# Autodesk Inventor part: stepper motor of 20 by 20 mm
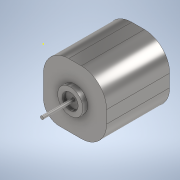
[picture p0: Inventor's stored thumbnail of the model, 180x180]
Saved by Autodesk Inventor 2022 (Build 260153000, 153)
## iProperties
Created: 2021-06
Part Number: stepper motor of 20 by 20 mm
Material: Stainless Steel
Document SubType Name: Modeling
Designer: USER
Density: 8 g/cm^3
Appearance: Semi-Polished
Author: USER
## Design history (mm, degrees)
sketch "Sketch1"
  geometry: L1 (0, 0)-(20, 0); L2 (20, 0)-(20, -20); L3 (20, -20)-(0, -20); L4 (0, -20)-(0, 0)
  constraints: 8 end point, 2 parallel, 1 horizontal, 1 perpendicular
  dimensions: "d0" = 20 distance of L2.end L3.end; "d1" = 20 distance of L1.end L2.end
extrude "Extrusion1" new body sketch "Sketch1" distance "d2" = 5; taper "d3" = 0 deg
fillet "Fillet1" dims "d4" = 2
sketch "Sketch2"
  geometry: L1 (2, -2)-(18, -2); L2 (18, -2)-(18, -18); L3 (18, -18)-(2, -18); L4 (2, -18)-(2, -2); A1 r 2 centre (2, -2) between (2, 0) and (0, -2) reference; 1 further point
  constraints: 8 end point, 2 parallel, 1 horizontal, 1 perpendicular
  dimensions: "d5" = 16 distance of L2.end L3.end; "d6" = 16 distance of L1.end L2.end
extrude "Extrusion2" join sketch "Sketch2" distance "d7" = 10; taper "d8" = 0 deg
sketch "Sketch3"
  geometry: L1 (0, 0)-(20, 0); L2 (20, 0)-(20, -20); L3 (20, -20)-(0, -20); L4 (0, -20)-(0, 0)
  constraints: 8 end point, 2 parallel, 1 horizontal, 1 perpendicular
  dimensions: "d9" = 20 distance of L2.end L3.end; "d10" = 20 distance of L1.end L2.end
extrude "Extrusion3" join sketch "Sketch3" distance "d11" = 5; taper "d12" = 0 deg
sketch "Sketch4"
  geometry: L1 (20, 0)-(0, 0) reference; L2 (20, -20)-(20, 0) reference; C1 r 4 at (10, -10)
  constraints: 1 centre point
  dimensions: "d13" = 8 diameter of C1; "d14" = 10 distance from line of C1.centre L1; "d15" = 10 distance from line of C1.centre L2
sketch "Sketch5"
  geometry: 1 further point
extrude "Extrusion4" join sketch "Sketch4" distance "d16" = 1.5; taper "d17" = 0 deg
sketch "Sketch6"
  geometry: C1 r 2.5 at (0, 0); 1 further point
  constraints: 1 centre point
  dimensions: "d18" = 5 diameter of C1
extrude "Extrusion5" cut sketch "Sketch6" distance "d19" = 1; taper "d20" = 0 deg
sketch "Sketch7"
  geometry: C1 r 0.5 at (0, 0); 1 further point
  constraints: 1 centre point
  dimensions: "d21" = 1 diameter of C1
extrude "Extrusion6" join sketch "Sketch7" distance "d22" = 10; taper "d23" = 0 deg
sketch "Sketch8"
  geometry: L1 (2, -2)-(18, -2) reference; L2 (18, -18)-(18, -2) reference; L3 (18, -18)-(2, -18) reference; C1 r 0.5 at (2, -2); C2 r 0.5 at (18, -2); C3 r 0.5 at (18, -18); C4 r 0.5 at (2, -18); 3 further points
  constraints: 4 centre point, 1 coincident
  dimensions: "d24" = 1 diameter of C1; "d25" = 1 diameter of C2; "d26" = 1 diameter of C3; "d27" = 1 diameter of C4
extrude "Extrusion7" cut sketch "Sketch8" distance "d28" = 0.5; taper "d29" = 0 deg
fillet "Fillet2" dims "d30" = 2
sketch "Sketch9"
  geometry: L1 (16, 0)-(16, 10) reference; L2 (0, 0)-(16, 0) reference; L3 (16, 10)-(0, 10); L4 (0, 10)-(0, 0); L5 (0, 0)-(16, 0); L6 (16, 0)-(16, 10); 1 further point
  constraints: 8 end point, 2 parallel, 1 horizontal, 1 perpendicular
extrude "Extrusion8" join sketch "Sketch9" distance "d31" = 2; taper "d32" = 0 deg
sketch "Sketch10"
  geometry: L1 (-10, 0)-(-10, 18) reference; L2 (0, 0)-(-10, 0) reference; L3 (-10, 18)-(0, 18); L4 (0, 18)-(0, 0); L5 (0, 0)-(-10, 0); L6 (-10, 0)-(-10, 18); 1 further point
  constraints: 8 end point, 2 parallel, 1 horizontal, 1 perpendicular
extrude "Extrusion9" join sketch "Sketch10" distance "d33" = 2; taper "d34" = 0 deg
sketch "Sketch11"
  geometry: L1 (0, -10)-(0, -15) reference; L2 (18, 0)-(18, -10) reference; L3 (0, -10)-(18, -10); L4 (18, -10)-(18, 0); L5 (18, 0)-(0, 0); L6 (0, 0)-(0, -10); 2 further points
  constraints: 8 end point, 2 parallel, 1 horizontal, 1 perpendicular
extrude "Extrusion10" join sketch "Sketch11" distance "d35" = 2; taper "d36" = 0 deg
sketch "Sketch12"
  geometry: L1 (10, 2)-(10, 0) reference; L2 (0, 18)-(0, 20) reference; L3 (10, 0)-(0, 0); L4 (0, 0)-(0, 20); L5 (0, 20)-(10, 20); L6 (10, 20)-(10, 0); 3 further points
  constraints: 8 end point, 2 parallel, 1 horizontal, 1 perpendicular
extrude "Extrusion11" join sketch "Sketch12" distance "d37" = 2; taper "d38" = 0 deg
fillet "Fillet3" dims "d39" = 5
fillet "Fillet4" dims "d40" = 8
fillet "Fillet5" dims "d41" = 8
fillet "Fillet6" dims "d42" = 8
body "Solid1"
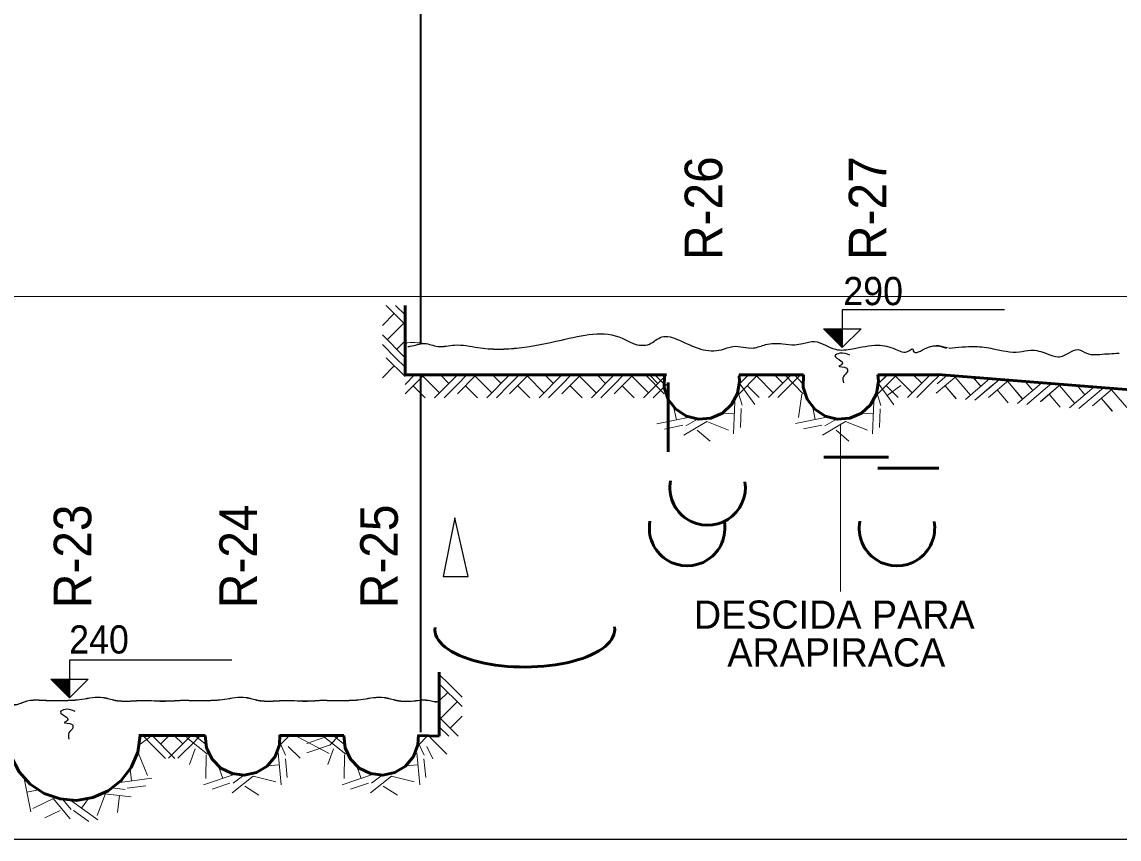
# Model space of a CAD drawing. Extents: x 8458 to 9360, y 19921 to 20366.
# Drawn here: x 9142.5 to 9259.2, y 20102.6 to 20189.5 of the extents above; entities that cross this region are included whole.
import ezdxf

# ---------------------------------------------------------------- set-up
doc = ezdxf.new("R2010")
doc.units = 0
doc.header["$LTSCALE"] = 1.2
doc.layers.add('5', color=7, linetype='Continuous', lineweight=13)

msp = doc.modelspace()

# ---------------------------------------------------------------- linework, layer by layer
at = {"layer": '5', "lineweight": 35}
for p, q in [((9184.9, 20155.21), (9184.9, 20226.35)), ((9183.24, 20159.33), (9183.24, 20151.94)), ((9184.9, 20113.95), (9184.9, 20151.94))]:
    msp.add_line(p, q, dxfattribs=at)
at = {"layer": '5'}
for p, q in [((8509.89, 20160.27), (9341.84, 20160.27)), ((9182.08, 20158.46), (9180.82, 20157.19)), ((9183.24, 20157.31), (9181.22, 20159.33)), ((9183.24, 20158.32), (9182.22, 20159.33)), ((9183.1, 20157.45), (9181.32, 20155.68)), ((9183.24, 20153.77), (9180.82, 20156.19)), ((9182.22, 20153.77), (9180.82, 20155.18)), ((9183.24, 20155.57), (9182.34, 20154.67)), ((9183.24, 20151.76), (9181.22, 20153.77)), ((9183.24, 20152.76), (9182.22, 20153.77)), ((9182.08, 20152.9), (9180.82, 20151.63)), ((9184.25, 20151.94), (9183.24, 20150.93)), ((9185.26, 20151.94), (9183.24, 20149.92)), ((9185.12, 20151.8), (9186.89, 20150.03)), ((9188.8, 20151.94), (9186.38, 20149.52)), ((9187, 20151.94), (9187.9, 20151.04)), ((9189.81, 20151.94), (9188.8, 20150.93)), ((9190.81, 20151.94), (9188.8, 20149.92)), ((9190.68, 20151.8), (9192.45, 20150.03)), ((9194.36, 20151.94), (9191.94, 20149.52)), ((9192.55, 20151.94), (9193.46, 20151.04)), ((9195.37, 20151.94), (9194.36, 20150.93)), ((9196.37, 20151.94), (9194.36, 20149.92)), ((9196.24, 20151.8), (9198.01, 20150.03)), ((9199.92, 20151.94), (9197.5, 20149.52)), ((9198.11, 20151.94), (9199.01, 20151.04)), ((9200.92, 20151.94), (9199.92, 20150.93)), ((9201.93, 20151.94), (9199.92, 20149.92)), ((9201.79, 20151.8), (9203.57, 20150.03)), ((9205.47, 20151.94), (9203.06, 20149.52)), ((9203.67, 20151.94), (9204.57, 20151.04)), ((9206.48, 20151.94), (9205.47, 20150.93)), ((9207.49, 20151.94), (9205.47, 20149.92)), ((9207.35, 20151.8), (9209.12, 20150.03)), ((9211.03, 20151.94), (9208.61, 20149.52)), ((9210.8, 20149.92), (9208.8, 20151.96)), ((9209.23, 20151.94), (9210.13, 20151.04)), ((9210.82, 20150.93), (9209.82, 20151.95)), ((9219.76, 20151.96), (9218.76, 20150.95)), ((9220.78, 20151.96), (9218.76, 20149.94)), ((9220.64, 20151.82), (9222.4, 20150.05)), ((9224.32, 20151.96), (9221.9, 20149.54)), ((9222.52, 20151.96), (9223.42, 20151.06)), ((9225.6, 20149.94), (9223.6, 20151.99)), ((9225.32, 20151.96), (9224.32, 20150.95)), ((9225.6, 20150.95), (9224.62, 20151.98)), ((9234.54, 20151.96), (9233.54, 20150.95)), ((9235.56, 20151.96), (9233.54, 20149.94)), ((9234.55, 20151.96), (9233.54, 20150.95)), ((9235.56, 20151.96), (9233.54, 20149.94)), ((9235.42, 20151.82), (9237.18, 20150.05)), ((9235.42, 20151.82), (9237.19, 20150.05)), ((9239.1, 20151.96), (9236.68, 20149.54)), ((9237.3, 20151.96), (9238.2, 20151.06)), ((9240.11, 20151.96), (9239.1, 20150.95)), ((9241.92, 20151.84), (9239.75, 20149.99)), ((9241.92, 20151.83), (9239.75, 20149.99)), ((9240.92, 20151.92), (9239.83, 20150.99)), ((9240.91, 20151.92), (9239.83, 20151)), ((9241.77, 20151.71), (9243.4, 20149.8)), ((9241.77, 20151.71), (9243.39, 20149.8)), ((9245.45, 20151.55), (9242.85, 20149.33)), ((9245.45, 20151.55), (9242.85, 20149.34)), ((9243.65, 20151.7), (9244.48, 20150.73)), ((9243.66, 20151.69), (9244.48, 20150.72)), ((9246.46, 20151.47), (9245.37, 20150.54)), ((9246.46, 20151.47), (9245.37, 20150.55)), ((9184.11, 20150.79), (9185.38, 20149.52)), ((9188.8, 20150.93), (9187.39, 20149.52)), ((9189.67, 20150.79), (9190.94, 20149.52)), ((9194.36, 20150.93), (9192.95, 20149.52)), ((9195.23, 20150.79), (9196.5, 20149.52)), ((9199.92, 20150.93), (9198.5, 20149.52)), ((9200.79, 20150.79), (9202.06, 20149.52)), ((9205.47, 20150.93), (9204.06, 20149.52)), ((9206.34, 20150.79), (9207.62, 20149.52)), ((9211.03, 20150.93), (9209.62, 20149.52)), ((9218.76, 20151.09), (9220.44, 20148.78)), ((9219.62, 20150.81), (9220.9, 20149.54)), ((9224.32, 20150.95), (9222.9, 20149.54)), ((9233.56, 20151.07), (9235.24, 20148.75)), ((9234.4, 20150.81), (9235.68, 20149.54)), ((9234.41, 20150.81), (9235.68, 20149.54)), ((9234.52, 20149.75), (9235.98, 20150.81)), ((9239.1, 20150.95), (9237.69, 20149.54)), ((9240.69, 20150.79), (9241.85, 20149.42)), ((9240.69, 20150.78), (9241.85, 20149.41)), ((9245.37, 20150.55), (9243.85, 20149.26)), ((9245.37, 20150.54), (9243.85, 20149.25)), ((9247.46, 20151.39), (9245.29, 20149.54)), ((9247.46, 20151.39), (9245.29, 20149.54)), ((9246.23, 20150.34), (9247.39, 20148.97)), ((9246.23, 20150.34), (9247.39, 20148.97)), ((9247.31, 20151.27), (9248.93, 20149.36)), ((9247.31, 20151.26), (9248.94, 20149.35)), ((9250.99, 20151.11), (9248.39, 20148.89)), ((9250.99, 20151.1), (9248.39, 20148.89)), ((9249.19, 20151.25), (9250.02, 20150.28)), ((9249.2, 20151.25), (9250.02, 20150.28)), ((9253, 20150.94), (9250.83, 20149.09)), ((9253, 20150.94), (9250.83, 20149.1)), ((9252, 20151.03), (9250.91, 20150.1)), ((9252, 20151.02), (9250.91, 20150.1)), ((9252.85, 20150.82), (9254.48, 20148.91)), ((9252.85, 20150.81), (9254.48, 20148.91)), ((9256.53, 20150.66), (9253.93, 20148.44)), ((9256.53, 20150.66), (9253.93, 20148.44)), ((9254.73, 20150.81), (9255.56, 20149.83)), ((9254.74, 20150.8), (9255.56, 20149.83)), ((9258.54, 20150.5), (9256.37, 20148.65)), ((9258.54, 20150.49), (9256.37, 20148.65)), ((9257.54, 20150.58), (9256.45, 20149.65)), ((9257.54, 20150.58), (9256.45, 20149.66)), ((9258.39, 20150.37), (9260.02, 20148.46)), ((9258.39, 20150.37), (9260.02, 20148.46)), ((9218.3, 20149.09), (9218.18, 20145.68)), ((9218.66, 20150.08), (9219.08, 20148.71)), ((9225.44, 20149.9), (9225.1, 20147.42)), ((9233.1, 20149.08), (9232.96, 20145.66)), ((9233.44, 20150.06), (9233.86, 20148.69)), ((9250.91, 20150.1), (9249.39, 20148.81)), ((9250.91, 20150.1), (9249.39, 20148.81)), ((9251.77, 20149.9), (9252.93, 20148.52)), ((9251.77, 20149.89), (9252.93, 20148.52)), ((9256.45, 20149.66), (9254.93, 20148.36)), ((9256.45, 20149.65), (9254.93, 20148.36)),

* Brief:
Reproduce every line above that contains the string "join".

* Task result:
extrude "Extrusion2" join sketch "Sketch2" distance "d7" = 10; taper "d8" = 0 deg
extrude "Extrusion3" join sketch "Sketch3" distance "d11" = 5; taper "d12" = 0 deg
extrude "Extrusion4" join sketch "Sketch4" distance "d16" = 1.5; taper "d17" = 0 deg
extrude "Extrusion6" join sketch "Sketch7" distance "d22" = 10; taper "d23" = 0 deg
extrude "Extrusion8" join sketch "Sketch9" distance "d31" = 2; taper "d32" = 0 deg
extrude "Extrusion9" join sketch "Sketch10" distance "d33" = 2; taper "d34" = 0 deg
extrude "Extrusion10" join sketch "Sketch11" distance "d35" = 2; taper "d36" = 0 deg
extrude "Extrusion11" join sketch "Sketch12" distance "d37" = 2; taper "d38" = 0 deg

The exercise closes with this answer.